**Aim of the task:**
Write out, word for word, the part of the listing below that opens with the line containing "242.115), (-100.394, 90.999, 242.099)]" and closes with the line containing "(-79.783, 82.665, 217.067)]", keeping both of those lines and adding no others.

*** Begin section ***

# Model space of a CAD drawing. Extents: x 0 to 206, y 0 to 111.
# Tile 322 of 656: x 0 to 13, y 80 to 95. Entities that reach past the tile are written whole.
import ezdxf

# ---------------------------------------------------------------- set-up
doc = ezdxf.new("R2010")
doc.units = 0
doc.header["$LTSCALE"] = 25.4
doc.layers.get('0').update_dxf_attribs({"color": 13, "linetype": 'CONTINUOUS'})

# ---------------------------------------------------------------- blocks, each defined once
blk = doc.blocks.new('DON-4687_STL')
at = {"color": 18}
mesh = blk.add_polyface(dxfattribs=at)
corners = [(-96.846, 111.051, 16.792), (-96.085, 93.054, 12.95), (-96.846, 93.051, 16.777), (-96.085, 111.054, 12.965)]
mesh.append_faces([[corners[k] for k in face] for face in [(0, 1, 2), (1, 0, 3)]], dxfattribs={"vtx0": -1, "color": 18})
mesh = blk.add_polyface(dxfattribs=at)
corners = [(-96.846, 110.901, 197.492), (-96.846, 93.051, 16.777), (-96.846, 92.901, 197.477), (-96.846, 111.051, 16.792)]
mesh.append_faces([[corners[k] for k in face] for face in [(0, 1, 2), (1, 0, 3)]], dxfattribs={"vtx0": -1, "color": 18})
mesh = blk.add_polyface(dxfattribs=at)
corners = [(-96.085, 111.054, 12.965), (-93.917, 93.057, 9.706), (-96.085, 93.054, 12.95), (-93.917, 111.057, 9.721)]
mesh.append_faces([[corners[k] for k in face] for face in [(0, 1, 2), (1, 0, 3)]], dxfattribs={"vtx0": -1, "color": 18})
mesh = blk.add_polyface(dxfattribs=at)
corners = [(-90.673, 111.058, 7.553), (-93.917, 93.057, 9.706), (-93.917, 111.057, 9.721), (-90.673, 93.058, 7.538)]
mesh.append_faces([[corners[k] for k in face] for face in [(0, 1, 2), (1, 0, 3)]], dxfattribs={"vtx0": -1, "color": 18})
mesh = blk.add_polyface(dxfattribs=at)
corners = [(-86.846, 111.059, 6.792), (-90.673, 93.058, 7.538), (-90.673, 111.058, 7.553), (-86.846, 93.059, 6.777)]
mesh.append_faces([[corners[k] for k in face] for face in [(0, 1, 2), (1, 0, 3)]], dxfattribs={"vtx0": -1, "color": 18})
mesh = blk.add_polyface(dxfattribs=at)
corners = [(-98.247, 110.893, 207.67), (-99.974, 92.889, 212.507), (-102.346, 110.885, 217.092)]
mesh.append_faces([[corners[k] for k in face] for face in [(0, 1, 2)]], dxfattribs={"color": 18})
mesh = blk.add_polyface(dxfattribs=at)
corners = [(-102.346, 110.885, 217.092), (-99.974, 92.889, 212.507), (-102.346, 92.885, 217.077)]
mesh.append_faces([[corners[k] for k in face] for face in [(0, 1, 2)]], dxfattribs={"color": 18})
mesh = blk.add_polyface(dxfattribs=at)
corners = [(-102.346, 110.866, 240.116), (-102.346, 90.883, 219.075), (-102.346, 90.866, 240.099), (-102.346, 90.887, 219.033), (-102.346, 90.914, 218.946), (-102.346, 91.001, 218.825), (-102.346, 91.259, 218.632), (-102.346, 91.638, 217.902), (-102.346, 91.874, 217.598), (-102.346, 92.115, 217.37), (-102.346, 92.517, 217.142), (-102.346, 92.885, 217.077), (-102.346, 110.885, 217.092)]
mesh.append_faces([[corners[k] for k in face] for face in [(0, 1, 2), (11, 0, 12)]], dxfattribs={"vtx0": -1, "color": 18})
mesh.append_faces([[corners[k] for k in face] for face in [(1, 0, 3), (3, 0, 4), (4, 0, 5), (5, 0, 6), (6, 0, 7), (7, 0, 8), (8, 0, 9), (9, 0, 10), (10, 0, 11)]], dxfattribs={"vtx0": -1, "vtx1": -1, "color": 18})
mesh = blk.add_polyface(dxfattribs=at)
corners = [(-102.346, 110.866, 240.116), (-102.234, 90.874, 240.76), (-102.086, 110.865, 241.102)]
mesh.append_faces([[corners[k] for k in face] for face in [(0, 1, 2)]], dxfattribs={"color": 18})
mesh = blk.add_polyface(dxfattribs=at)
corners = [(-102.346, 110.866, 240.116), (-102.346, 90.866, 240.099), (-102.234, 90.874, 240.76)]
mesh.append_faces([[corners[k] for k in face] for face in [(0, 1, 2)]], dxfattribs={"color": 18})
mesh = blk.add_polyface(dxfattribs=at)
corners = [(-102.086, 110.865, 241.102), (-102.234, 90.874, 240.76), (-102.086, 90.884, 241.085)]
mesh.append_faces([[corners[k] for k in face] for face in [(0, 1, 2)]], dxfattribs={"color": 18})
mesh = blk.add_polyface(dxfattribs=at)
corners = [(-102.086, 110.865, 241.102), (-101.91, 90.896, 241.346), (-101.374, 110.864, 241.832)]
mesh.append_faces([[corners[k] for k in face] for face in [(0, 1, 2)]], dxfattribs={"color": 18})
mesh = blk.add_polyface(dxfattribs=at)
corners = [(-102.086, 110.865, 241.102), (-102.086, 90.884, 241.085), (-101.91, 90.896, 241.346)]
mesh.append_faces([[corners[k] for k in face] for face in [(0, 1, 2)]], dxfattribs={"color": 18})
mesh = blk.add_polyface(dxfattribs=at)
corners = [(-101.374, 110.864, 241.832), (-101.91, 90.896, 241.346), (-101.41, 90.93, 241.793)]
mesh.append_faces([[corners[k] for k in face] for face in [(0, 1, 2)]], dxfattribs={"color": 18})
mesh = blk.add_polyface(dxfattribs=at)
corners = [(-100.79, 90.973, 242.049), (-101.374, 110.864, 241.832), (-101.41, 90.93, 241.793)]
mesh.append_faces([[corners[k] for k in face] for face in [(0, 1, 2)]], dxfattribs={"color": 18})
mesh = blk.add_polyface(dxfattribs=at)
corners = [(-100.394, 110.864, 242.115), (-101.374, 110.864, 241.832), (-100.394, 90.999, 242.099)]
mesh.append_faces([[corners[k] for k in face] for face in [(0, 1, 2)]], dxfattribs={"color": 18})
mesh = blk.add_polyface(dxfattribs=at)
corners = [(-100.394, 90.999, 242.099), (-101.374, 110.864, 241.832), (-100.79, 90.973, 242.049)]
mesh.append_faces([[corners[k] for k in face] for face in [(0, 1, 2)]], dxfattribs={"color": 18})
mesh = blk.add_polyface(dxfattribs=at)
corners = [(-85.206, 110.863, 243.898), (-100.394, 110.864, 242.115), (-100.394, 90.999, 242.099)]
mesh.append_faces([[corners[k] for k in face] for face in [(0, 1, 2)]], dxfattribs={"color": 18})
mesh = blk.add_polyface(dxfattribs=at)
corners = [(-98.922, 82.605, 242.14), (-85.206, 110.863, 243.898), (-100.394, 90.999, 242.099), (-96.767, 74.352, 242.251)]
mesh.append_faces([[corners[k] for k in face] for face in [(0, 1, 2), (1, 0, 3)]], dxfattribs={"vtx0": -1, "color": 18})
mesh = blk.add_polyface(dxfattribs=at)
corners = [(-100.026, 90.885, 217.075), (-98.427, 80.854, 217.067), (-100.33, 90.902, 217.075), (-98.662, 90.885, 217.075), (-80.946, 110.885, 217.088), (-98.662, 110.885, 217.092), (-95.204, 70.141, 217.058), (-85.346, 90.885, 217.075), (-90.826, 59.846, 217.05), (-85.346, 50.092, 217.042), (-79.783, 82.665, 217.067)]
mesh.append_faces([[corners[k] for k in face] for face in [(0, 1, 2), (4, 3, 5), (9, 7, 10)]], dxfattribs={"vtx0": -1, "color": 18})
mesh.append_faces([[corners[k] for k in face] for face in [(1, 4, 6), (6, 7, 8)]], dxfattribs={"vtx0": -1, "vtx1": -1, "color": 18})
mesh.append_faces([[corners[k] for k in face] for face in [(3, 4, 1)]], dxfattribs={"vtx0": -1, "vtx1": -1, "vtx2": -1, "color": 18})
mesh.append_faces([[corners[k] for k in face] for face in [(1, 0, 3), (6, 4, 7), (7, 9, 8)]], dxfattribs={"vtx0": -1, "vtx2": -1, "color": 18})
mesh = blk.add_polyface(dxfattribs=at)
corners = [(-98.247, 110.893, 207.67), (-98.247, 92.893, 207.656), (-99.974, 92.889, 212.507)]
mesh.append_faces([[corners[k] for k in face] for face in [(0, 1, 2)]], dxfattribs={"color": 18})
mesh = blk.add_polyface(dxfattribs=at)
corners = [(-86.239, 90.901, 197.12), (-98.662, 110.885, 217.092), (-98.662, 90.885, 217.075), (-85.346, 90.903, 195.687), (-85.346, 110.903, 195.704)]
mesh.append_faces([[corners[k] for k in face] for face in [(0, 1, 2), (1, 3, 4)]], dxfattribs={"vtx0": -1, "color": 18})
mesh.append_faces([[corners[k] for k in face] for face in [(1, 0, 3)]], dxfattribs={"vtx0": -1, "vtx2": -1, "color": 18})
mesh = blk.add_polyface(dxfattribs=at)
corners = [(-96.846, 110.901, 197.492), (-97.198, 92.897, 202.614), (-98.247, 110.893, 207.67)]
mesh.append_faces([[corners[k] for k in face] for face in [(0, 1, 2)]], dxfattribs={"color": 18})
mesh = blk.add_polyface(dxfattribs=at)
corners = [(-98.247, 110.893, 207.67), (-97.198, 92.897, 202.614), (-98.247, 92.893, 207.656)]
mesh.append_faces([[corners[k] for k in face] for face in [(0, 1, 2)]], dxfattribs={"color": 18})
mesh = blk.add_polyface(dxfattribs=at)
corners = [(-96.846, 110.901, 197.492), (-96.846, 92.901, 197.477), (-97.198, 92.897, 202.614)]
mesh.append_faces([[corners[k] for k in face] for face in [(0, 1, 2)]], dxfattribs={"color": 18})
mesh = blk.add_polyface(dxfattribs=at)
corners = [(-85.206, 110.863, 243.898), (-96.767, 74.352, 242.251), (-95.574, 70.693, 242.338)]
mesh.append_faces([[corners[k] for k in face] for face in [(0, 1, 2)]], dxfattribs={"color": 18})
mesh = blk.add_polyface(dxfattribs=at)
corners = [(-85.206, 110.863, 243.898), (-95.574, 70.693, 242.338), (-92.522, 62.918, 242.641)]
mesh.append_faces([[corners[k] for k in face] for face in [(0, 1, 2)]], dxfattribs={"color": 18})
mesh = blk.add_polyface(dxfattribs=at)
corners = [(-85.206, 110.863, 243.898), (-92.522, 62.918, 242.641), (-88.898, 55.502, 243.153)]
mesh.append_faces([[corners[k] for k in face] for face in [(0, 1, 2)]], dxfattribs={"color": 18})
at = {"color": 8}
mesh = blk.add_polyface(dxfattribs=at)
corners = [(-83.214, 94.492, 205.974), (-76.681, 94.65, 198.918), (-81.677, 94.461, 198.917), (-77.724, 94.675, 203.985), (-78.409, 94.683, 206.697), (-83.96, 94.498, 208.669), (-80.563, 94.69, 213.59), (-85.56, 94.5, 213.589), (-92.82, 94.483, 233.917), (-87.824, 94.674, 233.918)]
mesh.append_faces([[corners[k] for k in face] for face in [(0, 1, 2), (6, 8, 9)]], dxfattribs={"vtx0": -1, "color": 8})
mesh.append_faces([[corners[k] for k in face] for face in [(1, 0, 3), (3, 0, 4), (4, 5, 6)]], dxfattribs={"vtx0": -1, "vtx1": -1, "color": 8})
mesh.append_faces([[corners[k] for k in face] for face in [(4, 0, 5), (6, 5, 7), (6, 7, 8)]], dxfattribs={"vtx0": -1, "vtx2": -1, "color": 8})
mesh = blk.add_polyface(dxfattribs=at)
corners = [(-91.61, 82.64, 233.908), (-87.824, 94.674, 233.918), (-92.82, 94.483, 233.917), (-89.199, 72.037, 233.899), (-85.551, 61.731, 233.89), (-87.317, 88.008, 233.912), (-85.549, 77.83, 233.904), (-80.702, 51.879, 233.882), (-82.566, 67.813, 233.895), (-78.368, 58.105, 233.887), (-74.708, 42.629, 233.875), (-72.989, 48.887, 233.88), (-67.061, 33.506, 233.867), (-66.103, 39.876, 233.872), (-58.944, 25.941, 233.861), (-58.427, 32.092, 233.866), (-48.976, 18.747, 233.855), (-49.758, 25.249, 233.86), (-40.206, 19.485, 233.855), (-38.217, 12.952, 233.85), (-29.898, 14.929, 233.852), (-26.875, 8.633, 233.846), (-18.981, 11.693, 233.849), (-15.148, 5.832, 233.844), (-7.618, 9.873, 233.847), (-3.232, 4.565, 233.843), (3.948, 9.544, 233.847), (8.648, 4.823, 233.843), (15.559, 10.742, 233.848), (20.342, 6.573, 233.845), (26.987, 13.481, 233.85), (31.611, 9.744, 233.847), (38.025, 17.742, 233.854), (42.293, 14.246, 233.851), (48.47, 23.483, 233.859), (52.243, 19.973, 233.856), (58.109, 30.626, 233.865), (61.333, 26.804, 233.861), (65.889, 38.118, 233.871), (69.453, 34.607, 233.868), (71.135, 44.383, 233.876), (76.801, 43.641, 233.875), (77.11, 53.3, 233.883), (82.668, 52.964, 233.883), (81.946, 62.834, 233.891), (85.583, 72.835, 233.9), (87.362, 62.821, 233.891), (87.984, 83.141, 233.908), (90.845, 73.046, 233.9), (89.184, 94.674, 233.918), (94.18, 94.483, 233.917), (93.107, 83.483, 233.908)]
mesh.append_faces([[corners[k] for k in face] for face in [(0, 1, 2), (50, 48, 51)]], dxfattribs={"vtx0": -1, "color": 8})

*** End section ***

**Solved problem:**
corners = [(-85.206, 110.863, 243.898), (-100.394, 110.864, 242.115), (-100.394, 90.999, 242.099)]
mesh.append_faces([[corners[k] for k in face] for face in [(0, 1, 2)]], dxfattribs={"color": 18})
mesh = blk.add_polyface(dxfattribs=at)
corners = [(-98.922, 82.605, 242.14), (-85.206, 110.863, 243.898), (-100.394, 90.999, 242.099), (-96.767, 74.352, 242.251)]
mesh.append_faces([[corners[k] for k in face] for face in [(0, 1, 2), (1, 0, 3)]], dxfattribs={"vtx0": -1, "color": 18})
mesh = blk.add_polyface(dxfattribs=at)
corners = [(-100.026, 90.885, 217.075), (-98.427, 80.854, 217.067), (-100.33, 90.902, 217.075), (-98.662, 90.885, 217.075), (-80.946, 110.885, 217.088), (-98.662, 110.885, 217.092), (-95.204, 70.141, 217.058), (-85.346, 90.885, 217.075), (-90.826, 59.846, 217.05), (-85.346, 50.092, 217.042), (-79.783, 82.665, 217.067)]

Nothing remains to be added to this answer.